What Couples Are Not Suitable for Mediation?
Couples are not suitable if there is unwillingness or distrust regarding honest financial disclosure. Also, sometimes there can exist acute power imbalances, emotional or financial, and one party may be very conflict averse and have difficulty expressing his or her needs. This can manifest as one Party’s rashly “agreeing to anything” just to move one. The flip side of this is one party’s willingness to part with anything or everything from a place of guilt for leaving the marriage. None of these emotionally driven impulses makes anybody bad, it just a factor that could be addressed when evaluating client suitability. Parties with retraining orders, physical and emotional abuse is pretty much a rule out.
Will A Mediated Agreements Preserve Legal Rights?
Yes. It is imperative that clients understand their agreements, understand how the law applies to their case, and how a Court would rule on a particular issue. That being said, it is not the role of a mediator to pidgeonhole clients into cookie cutter legal outcomes because it is the norm in how a judge would likely rule. Couples often bring a wide range of proposals to the table that may divert from legal norms. The court will always accept these agreements as long as (1) the Parties are fully informed of the legal norms, and (2) the agreements are free of coercion.
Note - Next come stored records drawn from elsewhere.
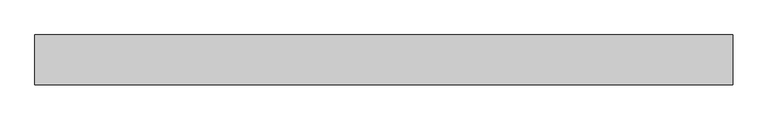
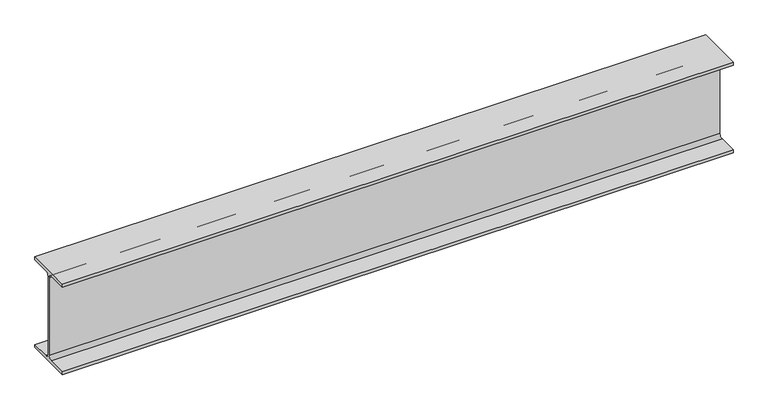
"""IFC4 building model written with IfcOpenShell, lengths in millimetres: beam geometry, 0912_Steel Framing_H-KSD3502 : H_SB_ASB_H-350x175x7x11."""

from ifc_helpers import new_model, si_unit, point, frame, frame_2d, origin, place, context, project, spatial, polyline, circle_curve, trimmed, segment, composite_curve, outline, extrude, source, transform, mapped, element, save


def beam_8a01b06a(model_context):
    return source(origin(), model_context, "Body", "SweptSolid", [
        extrude(outline(composite_curve([segment(polyline([(87.5, -164.0), (87.5, -175.0), (-87.5, -175.0), (-87.5, -164.0), (-17.5, -164.0)]), True, "CONTINUOUS"), segment(trimmed(circle_curve(frame_2d((-17.5, -150.0)), 14.0), [point((-17.5, -164.0))], [point((-3.5, -150.0))], True, "CARTESIAN"), True, "CONTINUOUS"), segment(polyline([(-3.5, -150.0), (-3.5, 150.0)]), True, "CONTINUOUS"), segment(trimmed(circle_curve(frame_2d((-17.5, 150.0)), 14.0), [point((-3.5, 150.0))], [point((-17.5, 164.0))], True, "CARTESIAN"), True, "CONTINUOUS"), segment(polyline([(-17.5, 164.0), (-87.5, 164.0), (-87.5, 175.0), (87.5, 175.0), (87.5, 164.0), (17.5, 164.0)]), True, "CONTINUOUS"), segment(trimmed(circle_curve(frame_2d((17.5, 150.0)), 14.0), [point((17.5, 164.0))], [point((3.5, 150.0))], True, "CARTESIAN"), True, "CONTINUOUS"), segment(polyline([(3.5, 150.0), (3.5, -150.0)]), True, "CONTINUOUS"), segment(trimmed(circle_curve(frame_2d((17.5, -150.0)), 14.0), [point((3.5, -150.0))], [point((17.5, -164.0))], True, "CARTESIAN"), True, "CONTINUOUS"), segment(polyline([(17.5, -164.0), (87.5, -164.0)]), True, "CONTINUOUS")], self_intersect=False)), frame((-1160.5135857, 0.0, 0.0), z_axis=(1.0, 0.0, 0.0), x_axis=(0.0, 1.0, 0.0)), (0.0, 0.0, 1.0), 2456.2874909),
    ])


if __name__ == "__main__":
    model = new_model("IFC4")
    model_context = context("Model", 3, world=origin())
    ifc_project = project(units=[si_unit("LENGTHUNIT", "METRE", prefix="MILLI")], contexts=[model_context])
    site = spatial("IfcSite", under=ifc_project)
    building = spatial("IfcBuilding", under=site)
    placement = place(None, origin())
    beam_shape = beam_8a01b06a(model_context)
    element("IfcBeam", 1, ObjectType="0912_Steel Framing_H-KSD3502 : H_SB_ASB_H-350x175x7x11", at=placement, inside=building, context=model_context, shape_type="MappedRepresentation", body=[
        mapped(beam_shape, transform((0.0, 0.0, 0.0), x_axis=(1.0, 0.0, 0.0), y_axis=(0.0, 1.0, 0.0), z_axis=(0.0, 0.0, 1.0))),
    ])
    save(model, "model.ifc")

# Revit data of these elements
# Type "0912_Steel Framing_H-KSD3502 : H_SB_ASB_H-350x175x7x11"
#   H_WM Code_1 = "S01AA002-00001 | Main Steel Structure Fabrication Work | Shelter/Building | Medium Steel - Standard (90KG/M>Weight≥30KG/M) | Material: (   )"
#   H_WM Code_2 = "S03AA028-00001 | Main Steel Structure Erection Work | Shelter/Building | Medium Steel (90KG/M>Weight≥30KG/M) | Material: (   )"
#   H_WM Code_3 = "S01AA010-00001 | Main Steel Structure Fabrication Work | Shelter/Building | Steel Painting/Coating | for Non-Fireproofed Steel Surface, Surface Preparation, Primer, Second & Final Coat | Material: (   )"
#   H_Q'ty Cal Type Tag = "SB-Q2"
#   Width = 17.5 cm
#   Web Thickness = 0.7 cm
#   Web Fillet = 1.4 cm
#   Warping Constant = 282000.0 cm⁶
#   W = 0
#   Torsional Moment of Inertia = 19.4042 cm⁴
#   Section Area = 63.14 cm²
#   Plastic Modulus weak axis = 174.0 cm³
#   Plastic Modulus strong axis = 868.0 cm³
#   Perimeter = 1.36 m²/m
#   Nominal Weight = 49.60 kgf/m
#   Moment of Inertia weak axis = 984.00 cm⁴
#   Moment of Inertia strong axis = 13600.00 cm⁴
#   Height = 35.0 cm
#   Flange Thickness = 1.1 cm
#   Elastic Modulus weak axis = 112.0 cm³
#   Elastic Modulus strong axis = 775.0 cm³
#   Centroid Vertical = 17.5 cm
#   Centroid Horizontal = 8.75 cm
#   Ix = 136000000
#   Length [instance default] = 1.5240 m
#   Zx = 868000
#   b = 0.1750 m
#   h = 0.3500 m
#   r = 0.0140 m
#   s = 0.0070 m
#   t = 0.0110 m
#   A = 0.006314 m²
#   Structural Material [instance default] = Steel, 45-345
#   Assembly Code = ""
# Element 1 (IfcBeam, "0912_Steel Framing_H-KSD3502 : H_SB_ASB_H-350x175x7x11")
#   Structural Material = none
# Materials
#   "Steel, 45-345": class "Metal", colour RGB 189 187 185, transparency 0, Description = "Steel 345 MPa", Cost = 0
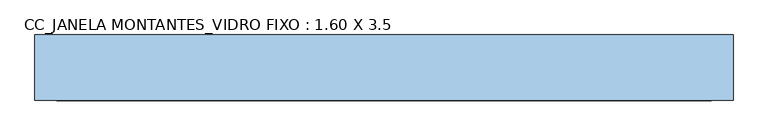
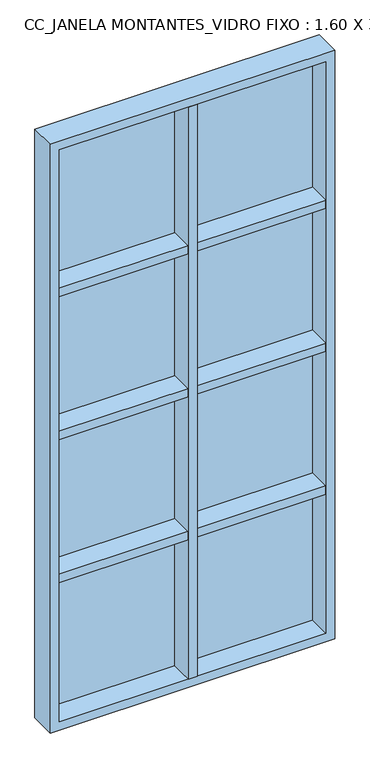
"""IFC4 building model written with IfcOpenShell, lengths in millimetres: window geometry, CC_JANELA MONTANTES_VIDRO FIXO : 1.60 X 3.5."""

from ifc_helpers import new_model, si_unit, frame, origin, place, context, project, spatial, polyline, outline, extrude, source, transform, mapped, element, save


def cc_janela_montantes_vidro_fixo_1_60_x_3_5_286e51ec(model_context):
    return source(origin(), model_context, "Body", "SweptSolid", [
        extrude(outline(polyline([(750.0, 97.5), (750.0, -47.5), (-750.0, -47.5), (-750.0, 97.5), (750.0, 97.5)])), frame((0.0, 0.0, 1875.0), z_axis=(0.0, 0.0, 1.0), x_axis=(1.0, 0.0, 0.0)), (0.0, 0.0, 1.0), 50.0),
        extrude(outline(polyline([(750.0, 97.5), (750.0, -47.5), (-750.0, -47.5), (-750.0, 97.5), (750.0, 97.5)])), frame((0.0, 0.0, 2725.0), z_axis=(0.0, 0.0, 1.0), x_axis=(1.0, 0.0, 0.0)), (0.0, 0.0, 1.0), 50.0),
        extrude(outline(polyline([(750.0, 97.5), (750.0, -47.5), (-750.0, -47.5), (-750.0, 97.5), (750.0, 97.5)])), frame((0.0, 0.0, 3575.0), z_axis=(0.0, 0.0, 1.0), x_axis=(1.0, 0.0, 0.0)), (0.0, 0.0, 1.0), 50.0),
        extrude(outline(polyline([(25.0, 100.0), (25.0, -50.0), (-25.0, -50.0), (-25.0, 100.0), (25.0, 100.0)])), frame((0.0, 0.0, 1050.0), z_axis=(0.0, 0.0, 1.0), x_axis=(1.0, 0.0, 0.0)), (0.0, 0.0, 1.0), 3400.0),
        extrude(outline(polyline([(4500.0, -800.0), (1000.0, -800.0), (1000.0, 800.0), (4500.0, 800.0), (4500.0, -800.0)]), holes=[polyline([(4450.0, -750.0), (4450.0, 750.0), (1050.0, 750.0), (1050.0, -750.0), (4450.0, -750.0)])]), frame((0.0, -50.0, 0.0), z_axis=(0.0, 1.0, 0.0), x_axis=(0.0, 0.0, 1.0)), (0.0, 0.0, 1.0), 150.0),
        extrude(outline(polyline([(750.0, 80.0), (-750.0, 80.0), (-750.0, 92.0), (750.0, 92.0), (750.0, 80.0)])), frame((0.0, 0.0, 1050.0), z_axis=(0.0, 0.0, 1.0), x_axis=(1.0, 0.0, 0.0)), (0.0, 0.0, 1.0), 3400.0),
    ])


if __name__ == "__main__":
    model = new_model("IFC4")
    model_context = context("Model", 3, world=origin())
    ifc_project = project(units=[si_unit("LENGTHUNIT", "METRE", prefix="MILLI")], contexts=[model_context])
    site = spatial("IfcSite", under=ifc_project)
    building = spatial("IfcBuilding", under=site)
    placement = place(None, origin())
    cc_janela_montantes_vidro_fixo_1_60_x_3_5_shape = cc_janela_montantes_vidro_fixo_1_60_x_3_5_286e51ec(model_context)
    element("IfcWindow", 1, ObjectType="CC_JANELA MONTANTES_VIDRO FIXO : 1.60 X 3.5", at=placement, inside=building, context=model_context, shape_type="MappedRepresentation", body=[
        mapped(cc_janela_montantes_vidro_fixo_1_60_x_3_5_shape, transform((0.0, 0.0, 0.0), x_axis=(1.0, 0.0, 0.0), y_axis=(0.0, 1.0, 0.0), z_axis=(0.0, 0.0, 1.0))),
    ])
    save(model, "model.ifc")

# Revit data of these elements
# Type "CC_JANELA MONTANTES_VIDRO FIXO : 1.60 X 3.5"
#   Type Mark = "J9"
#   Analytic Construction = "<Nenhum>"
#   Largura janela = 1.50 m
#   Espaçamento montantes verticais [instance default] = 0.75 m
#   Espaçamento montantes horizontais [instance default] = 0.85 m
#   Altura janela = 3.40 m
#   Height = 3.50 m
#   Altura-padrão do peitoril = 1.00 m
#   Width = 1.60 m
#   N verticais [instance default] = 2
#   N horizontais [instance default] = 3
#   N de montantes verticais [instance default] = 1
#   N de montantes horizontais [instance default] = 3
#   Montate vertical vários [instance default] = no
#   Montante vertical único [instance default] = yes
#   Montante horizontal único [instance default] = no
#   Montante horizontal vários [instance default] = yes
#   Tipo de vidro = .VIDRO
#   Material da esquadria = .ALUMÍNIO COM PINTURA ELETROSTÁTICA BRANCA
#   Wall Closure = (empty or 0)
# Element 1 (IfcWindow, "CC_JANELA MONTANTES_VIDRO FIXO : 1.60 X 3.5")
#   Materials on its faces: ".ALUMÍNIO COM PINTURA ELETROSTÁTICA BRANCA", ".VIDRO"
# Materials
#   ".VIDRO": class "Genérico", colour RGB 198 236 255, transparency 0.95, Cost = 0
#   ".ALUMÍNIO COM PINTURA ELETROSTÁTICA BRANCA": class "CC_METAIS", colour RGB 241 241 241, transparency 0, Cost = 0
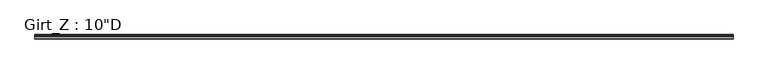
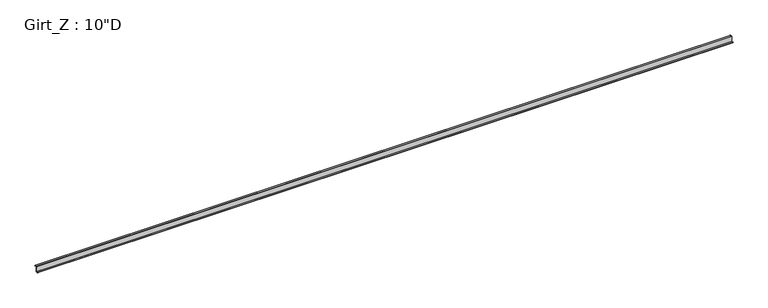
"""IFC4 building model written with IfcOpenShell, lengths in millimetres: beam geometry."""

from ifc_helpers import new_model, si_unit, point, frame, frame_2d, origin, place, context, project, spatial, polyline, circle_curve, trimmed, segment, composite_curve, outline, extrude, source, transform, mapped, element, save


def beam_ace1880b(model_context):
    return source(origin(), model_context, "Body", "SweptSolid", [
        extrude(outline(composite_curve([segment(polyline([(77.9859375, 127.0), (90.2310415, 112.4068534), (88.1028742, 110.621109), (76.6904765, 124.221875), (3.3005807, 124.221875)]), True, "CONTINUOUS"), segment(trimmed(circle_curve(frame_2d((3.3741066, 122.2381931)), 1.9850441), [point((3.3005807, 124.221875))], [point((1.3890625, 122.2381931))], True, "CARTESIAN"), True, "CONTINUOUS"), segment(polyline([(1.3890625, 122.2381931), (1.3890625, -127.0), (-84.3359375, -127.0), (-96.5810415, -112.4068534), (-94.4528742, -110.621109), (-83.0404765, -124.221875), (-3.2694106, -124.221875)]), True, "CONTINUOUS"), segment(trimmed(circle_curve(frame_2d((-3.3748024, -122.2389339)), 1.9857399), [point((-3.2694106, -124.221875))], [point((-1.3890625, -122.2389339))], True, "CARTESIAN"), True, "CONTINUOUS"), segment(polyline([(-1.3890625, -122.2389339), (-1.3890625, 122.2375)]), True, "CONTINUOUS"), segment(trimmed(circle_curve(frame_2d((3.3734375, 122.2375)), 4.7625), [point((-1.3890625, 122.2375))], [point((3.3734375, 127.0))], False, "CARTESIAN"), True, "CONTINUOUS"), segment(polyline([(3.3734375, 127.0), (77.9859375, 127.0)]), True, "CONTINUOUS")], self_intersect=False)), frame((-15560.675, 0.0, 0.0), z_axis=(1.0, 0.0, 0.0), x_axis=(0.0, 1.0, 0.0)), (0.0, 0.0, 1.0), 31121.35),
    ])


if __name__ == "__main__":
    model = new_model("IFC4")
    model_context = context("Model", 3, world=origin())
    ifc_project = project(units=[si_unit("LENGTHUNIT", "METRE", prefix="MILLI")], contexts=[model_context])
    site = spatial("IfcSite", under=ifc_project)
    building = spatial("IfcBuilding", under=site)
    placement = place(None, origin())
    beam_shape = beam_ace1880b(model_context)
    element("IfcBeam", 1, ObjectType="Girt_Z : 10\"D", at=placement, inside=building, context=model_context, shape_type="MappedRepresentation", body=[
        mapped(beam_shape, transform((0.0, 0.0, 0.0), x_axis=(1.0, 0.0, 0.0), y_axis=(0.0, 1.0, 0.0), z_axis=(0.0, 0.0, 1.0))),
    ])
    save(model, "model.ifc")

# Revit data of these elements
# Type "Girt_Z : 10\"D"
#   half leg = 0' - 1 11/16"
#   Web_Thickness = 0' - 0 7/64"
#   Length [instance default] = 10' - 0"
#   Leg_2 = 0' - 3 3/8"
#   Leg_1 = 0' - 3 1/8"
#   Height = 0' - 10"
#   Structural Material [instance default] = none
# Element 1 (IfcBeam, "Girt_Z : 10\"D")
#   Structural Material = STRUCTURAL STEEL - SEE STRUCT. DWGS
#   Materials on its faces: "STRUCTURAL STEEL - SEE STRUCT. DWGS"
# Materials
#   "STRUCTURAL STEEL - SEE STRUCT. DWGS": class "Metal", colour RGB 137 146 153, transparency 0, Description = "Steel, mill finish", Cost = 0
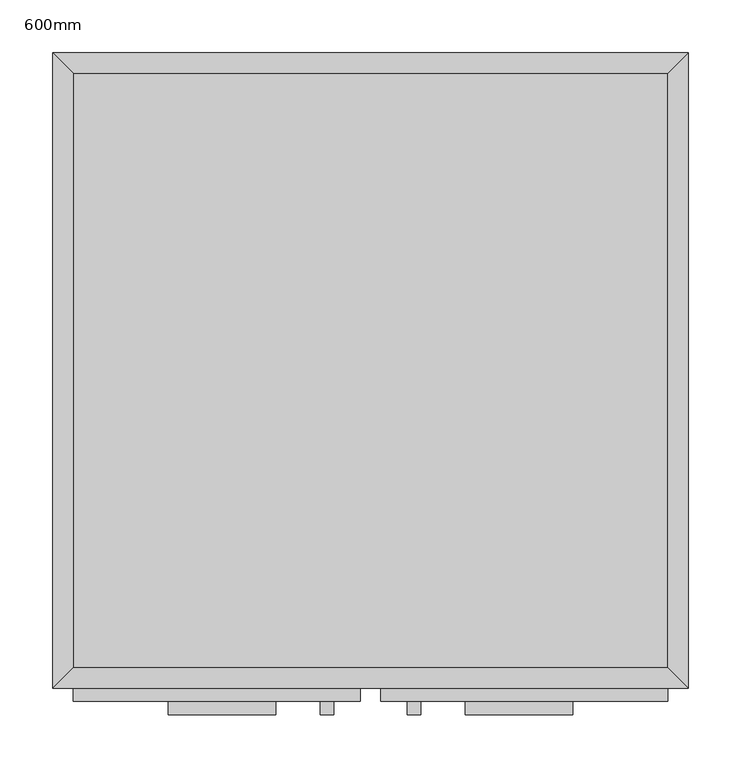
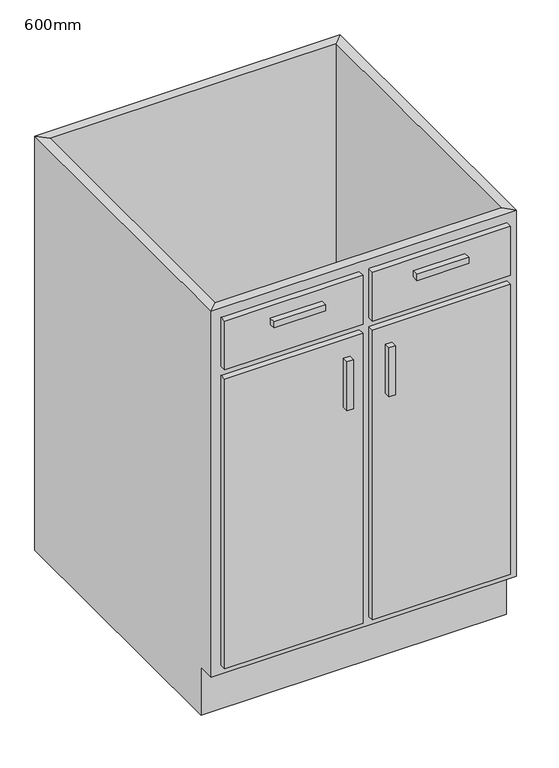
"""IFC4 building model written with IfcOpenShell, lengths in millimetres: furniture geometry, M_Base Cabinet-Double Door & 2 Drawer : 600mm."""

from ifc_helpers import new_model, si_unit, frame, origin, place, context, project, spatial, polyline, outline, extrude, faceted_brep, source, transform, mapped, element, save


def furniture_600mm_74c6c1e3(model_context):
    return source(origin(), model_context, "Body", "SolidModel", [
        faceted_brep([(299.6877049, -580.95, 860.0), (299.6877049, -580.95, 100.0), (-262.2122951, -580.95, 100.0), (-262.2122951, -580.95, 860.0), (-281.2622951, -600.0, 860.0), (318.7377049, -600.0, 860.0), (-281.2622951, -600.0, 100.0), (318.7377049, -600.0, 100.0), (-262.2122951, -565.0, 100.0), (-262.2122951, -19.05, 100.0), (-262.2122951, -19.05, 860.0), (-281.2622951, 0.0, 860.0), (-281.2622951, 0.0, 0.0), (-281.2622951, -565.0, 0.0), (-281.2622951, -565.0, 100.0), (299.6877049, -19.05, 100.0), (299.6877049, -19.05, 860.0), (318.7377049, 0.0, 860.0), (318.7377049, 0.0, 0.0), (299.6877049, -565.0, 100.0), (318.7377049, -565.0, 100.0), (318.7377049, -565.0, 0.0)], [[[0, 1, 2, 3]], [[0, 3, 4, 5]], [[5, 4, 6, 7]], [[2, 1, 7, 6]], [[3, 2, 8, 9, 10]], [[4, 3, 10, 11]], [[6, 4, 11, 12, 13, 14]], [[2, 6, 14, 8]], [[10, 9, 15, 16]], [[11, 10, 16, 17]], [[12, 11, 17, 18]], [[1, 0, 16, 15, 19]], [[0, 5, 17, 16]], [[5, 7, 20, 21, 18, 17]], [[7, 1, 19, 20]], [[8, 19, 15, 9]], [[18, 21, 13, 12]], [[13, 21, 20, 19, 8, 14]]]),
        extrude(outline(polyline([(-70.9372951, -625.4), (-172.5372951, -625.4), (-172.5372951, -612.7), (-70.9372951, -612.7), (-70.9372951, -625.4)])), frame((0.0, 0.0, 802.85), z_axis=(0.0, 0.0, 1.0), x_axis=(1.0, 0.0, 0.0)), (0.0, 0.0, 1.0), 12.7),
        extrude(outline(polyline([(210.0127049, -625.4), (108.4127049, -625.4), (108.4127049, -612.7), (210.0127049, -612.7), (210.0127049, -625.4)])), frame((0.0, 0.0, 802.85), z_axis=(0.0, 0.0, 1.0), x_axis=(1.0, 0.0, 0.0)), (0.0, 0.0, 1.0), 12.7),
        extrude(outline(polyline([(-16.1872951, -625.4), (-28.8872951, -625.4), (-28.8872951, -612.7), (-16.1872951, -612.7), (-16.1872951, -625.4)])), frame((0.0, 0.0, 580.6), z_axis=(0.0, 0.0, 1.0), x_axis=(1.0, 0.0, 0.0)), (0.0, 0.0, 1.0), 101.6),
        extrude(outline(polyline([(66.3627049, -625.4), (53.6627049, -625.4), (53.6627049, -612.7), (66.3627049, -612.7), (66.3627049, -625.4)])), frame((0.0, 0.0, 580.6), z_axis=(0.0, 0.0, 1.0), x_axis=(1.0, 0.0, 0.0)), (0.0, 0.0, 1.0), 101.6),
        extrude(outline(polyline([(9.2127049, -612.7), (-262.2122951, -612.7), (-262.2122951, -600.0), (9.2127049, -600.0), (9.2127049, -612.7)])), frame((0.0, 0.0, 739.35), z_axis=(0.0, 0.0, 1.0), x_axis=(1.0, 0.0, 0.0)), (0.0, 0.0, 1.0), 101.6),
        extrude(outline(polyline([(299.6877049, -612.7), (28.2627049, -612.7), (28.2627049, -600.0), (299.6877049, -600.0), (299.6877049, -612.7)])), frame((0.0, 0.0, 739.35), z_axis=(0.0, 0.0, 1.0), x_axis=(1.0, 0.0, 0.0)), (0.0, 0.0, 1.0), 101.6),
        extrude(outline(polyline([(9.2127049, -612.7), (-262.2122951, -612.7), (-262.2122951, -600.0), (9.2127049, -600.0), (9.2127049, -612.7)])), frame((0.0, 0.0, 119.05), z_axis=(0.0, 0.0, 1.0), x_axis=(1.0, 0.0, 0.0)), (0.0, 0.0, 1.0), 601.25),
        extrude(outline(polyline([(299.6877049, -612.7), (28.2627049, -612.7), (28.2627049, -600.0), (299.6877049, -600.0), (299.6877049, -612.7)])), frame((0.0, 0.0, 119.05), z_axis=(0.0, 0.0, 1.0), x_axis=(1.0, 0.0, 0.0)), (0.0, 0.0, 1.0), 601.25),
        extrude(outline(polyline([(299.6877049, -19.05), (299.6877049, -580.95), (-262.2122951, -580.95), (-262.2122951, -19.05), (299.6877049, -19.05)])), frame((0.0, 0.0, 100.0), z_axis=(0.0, 0.0, 1.0), x_axis=(1.0, 0.0, 0.0)), (0.0, 0.0, 1.0), 19.05),
    ])


if __name__ == "__main__":
    model = new_model("IFC4")
    model_context = context("Model", 3, world=origin())
    ifc_project = project(units=[si_unit("LENGTHUNIT", "METRE", prefix="MILLI")], contexts=[model_context])
    site = spatial("IfcSite", under=ifc_project)
    building = spatial("IfcBuilding", under=site)
    placement = place(None, origin())
    furniture_600mm_shape = furniture_600mm_74c6c1e3(model_context)
    element("IfcFurniture", 1, ObjectType="M_Base Cabinet-Double Door & 2 Drawer : 600mm", at=placement, inside=building, context=model_context, shape_type="MappedRepresentation", body=[
        mapped(furniture_600mm_shape, transform((0.0, 0.0, 0.0), x_axis=(1.0, 0.0, 0.0), y_axis=(0.0, 1.0, 0.0), z_axis=(0.0, 0.0, 1.0))),
    ])
    save(model, "model.ifc")

# Revit data of these elements
# Type "M_Base Cabinet-Double Door & 2 Drawer : 600mm"
#   Depth = 0.60 m
#   Height = 0.86 m
#   Plinth Depth = 0.035 m
#   Plinth Height = 0.10 m
#   Width = 0.60 m
#   Cabinet Material = none
#   Door/Drawer Material = none
#   Handle Material = Cabinets - Handles
# Element 1 (IfcFurniture, "M_Base Cabinet-Double Door & 2 Drawer : 600mm")
#   Materials on its faces: "Cabinets", "Cabinets - Handles"
# Materials
#   "Cabinets - Handles": class "Metal", colour RGB 57 57 57, transparency 0
#   "Cabinets": class "Miscellaneous", colour RGB 249 249 249, transparency 0

What if my spouse does not want the divorce?
Mediation cannot be conducted without the participation of both Parties. If one Party frequently cancels meetings, or comes unprepared, mediation will probably be dragged out over a longer time period than is acceptable to the initiating party. Also, if one party goes to mediation out of threat of litigation by the other Party, such a dynamic will predictably lead to resentments being expressed indirectly during mediation negotiations. My experience is that there needs to be an emotional cool down period, a living apart in the best of circumstances, where acceptance can occur for the other party and for him or her to heal and catch up emotionally.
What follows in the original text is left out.